Asal-Usul Nama "Pondok
Pinang": Antara Buah dan Kemenangan
Nama Pondok Pinang itu
sendiri menyimpan cerita yang unik. Ada dua versi yang beredar, keduanya
sama-sama memikat.
Versi pertama menyebutkan
nama ini berasal dari sebuah pondok yang dikelilingi pohon pinang di masa lalu.

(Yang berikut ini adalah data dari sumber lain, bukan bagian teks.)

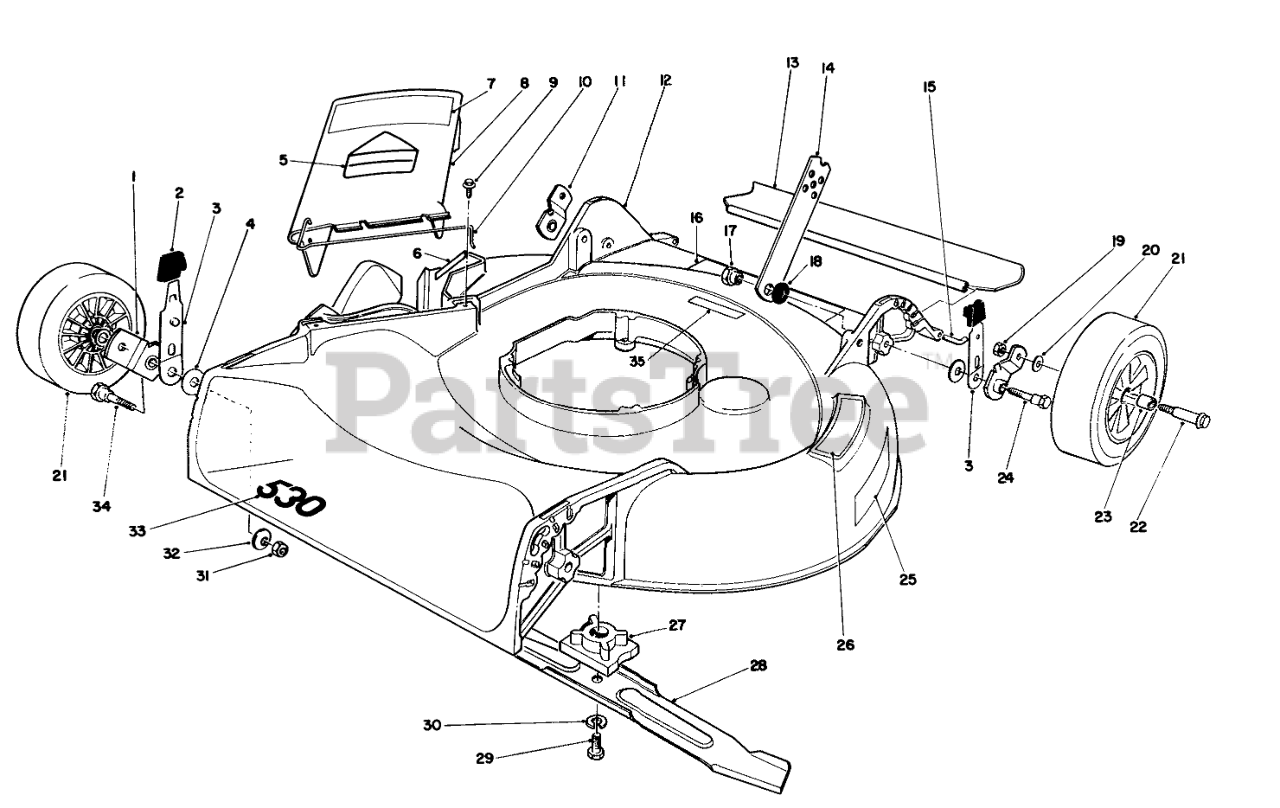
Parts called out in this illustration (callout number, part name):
1	Pivot Arm
2	KNOB-ARM
3	SPRING ARM ASM
4	WASHER-PIVOT
5	DECAL-DANGER
6	Decal-Danger
7	Decal-Danger(French)
8	Deflector Assembly (Incl. Ref. #5, 7 & 9)
9	SCREW-HWH
10	SPRING HINGE
11	Pivot Arm
12	HOUSING/DECAL
13	REAR SAFETY SHIELD 21
14	HANDLE LATCH
15	SHIELD ROD
16	Danger-Decal
17	HANDLE PIVOT NUT
18	SPACER
19	Nut
20	WASHER
21	Wheel & Tire Assembly (Incl. Ref. #23)
22	BOLT-WHEEL
23	BUSHING
24	PIVOT SCREW
25	Decal-Step
26	STEP PAD DECAL
27	BLADE RETAINER
28	Blade
29	SCREW-HH
30	WASHER-LOCK
31	NUT-LOCK, NI
32	WASHER-BELLEVILLE
33	Decal-530
34	5/16-18 PIVOT SCREW
35	Decal
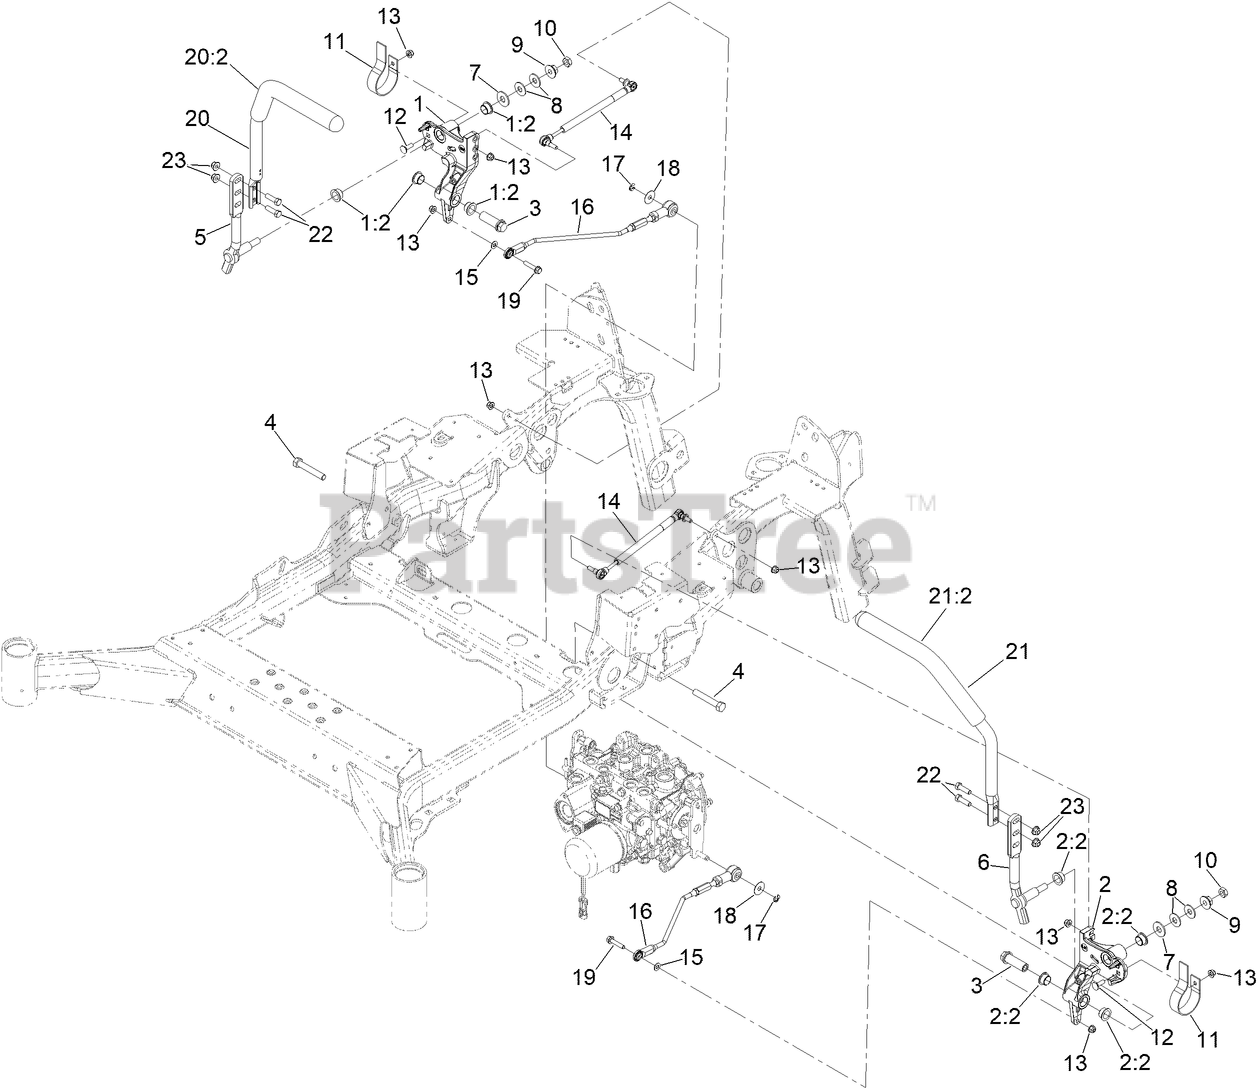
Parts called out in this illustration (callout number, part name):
1	RH MOTION CONTROL AND BUSHING ASM
1:2	BUSHING-FLANGE
2	LH MOTION CONTROL AND BUSHING ASM
2:2	BUSHING-FLANGE
3	HUB-THREADED
4	SCREW-HH
5	LEVER-CONTROL MOTION, RH
6	LEVER-CONTROL MOTION, LH
7	WASHER-FLAT
8	WASHER-SPRING
9	NUT-HF
10	NUT-JAM
11	SPRING-LEAF
12	BOLT-CARR
13	NUT-HF, NI
14	DAMPER, MOTION CONTROL
15	WASHER-PLAIN
16	ASM, FRONT LINKAGE ROD
17	RING-RETAINING
18	WASHER-PLAIN
19	BOLT-SHOULDER,HHF
20	ASM,STEERING HANDLE RH
20:2	GRIP-CONTROL, LEVER
21	ASM,STEERING HANDLE LH
21:2	GRIP-CONTROL, LEVER
22	SCREW-HH
23	NUT-HF, NI

Konon, di masa lalu jalanan yang menghubungkan kota Batavia dengan daerah
pedalaman (Ommelanden) rusak parah. Para pedagang pengepul buah pinang
terpaksa menghentikan perjalanan mereka di sebuah titik tempat untuk
beristirahat. Pondok atau tempat peristirahatan inilah yang kemudian dikenal
sebagai Pondok Pinang, tempat mereka menyimpan hasil mengepul pinang yang
melimpah ruah.
Namun, ada juga versi lain
yang tak kalah menarik. Kata "Pinang" di sini, konon, bukanlah
merujuk pada pohon, akan tetapi merupakan perubahan sebutan dari kata
"menang". Ceritanya, dahulu kala, daerah Pondok yang masih berupa
hutan belantara ini dihantui perampok. Hingga suatu ketika, seorang perantau
sakti dari Demak bernama Raden Pandoman Mas Parnyoto berhasil mengalahkan
gerombolan perampok tersebut. Dari sinilah kata "Pinang" (yang
berarti menang) melekat pada nama Pondok.
Pondok Pinang dalam Catatan
Sejarah Awal Abad Ke-20
Nama Pondok Pinang telah tercatat
dalam sejarah sejak awal abad ke-20. Salah satunya bisa ditelusuri melalui
sebuah buku laporan "Lijst van Plaatsnamen in Nederlandsch-Indie
1911". Data tertulis itu menyebutkan lokasi Pondok Pinang di barat
daya Weltevreden (sekitar Gambir zaman kolonial), hanya sekitar 3 kilometer
dari Stasiun Kebayoran.
Bahkan, jauh sebelum itu,
iklan penjualan tanah di koran Bataviaasch Handelsblad tahun 1881 sudah
menampilkan Pondok Pinang sebagai area yang diminati. Berikut adalah petikan
iklannya:
“Op een
nader te bepalen dag zal de ondergeteekende op publieke Vendutie in het Vendu
Locaal van het Vendu Departement verkoopen: Het Land Pondok Pinang, zijnde een
Tuin- en Zaailand, bebouwd met een Planken Huis met Pannen Gedekte Bijgebouwen
en Bamboezen Omwanding, Stalling, Houten Stijlen enz. Het land is groot 40
bouws. Beplant met klapperboomen, andere vruchtboomen en paddie en is getaxeerd
bij de verponding op f4000” (Pada hari yang akan ditentukan,
yang bertanda tangan di bawah ini akan menjual: Tanah Pondok Pinang Kebun dan
bibit tanaman, bangunan rumah kayu yang dilapisi genteng serta berdinding
bambu, gudang penyimpanan, kayu-kayu yang berukir dan sebagainya. Luas tanah 40
bouw. Ditanami dengan pohon-pohon kelapa, pohon buah-buahan serta padi dan
semuanya ini dihargai f 4000.)
Lahirnya Industri atau
Perajin Furnitur Legendaris dari Sebuah "Perjalanan Sederhana"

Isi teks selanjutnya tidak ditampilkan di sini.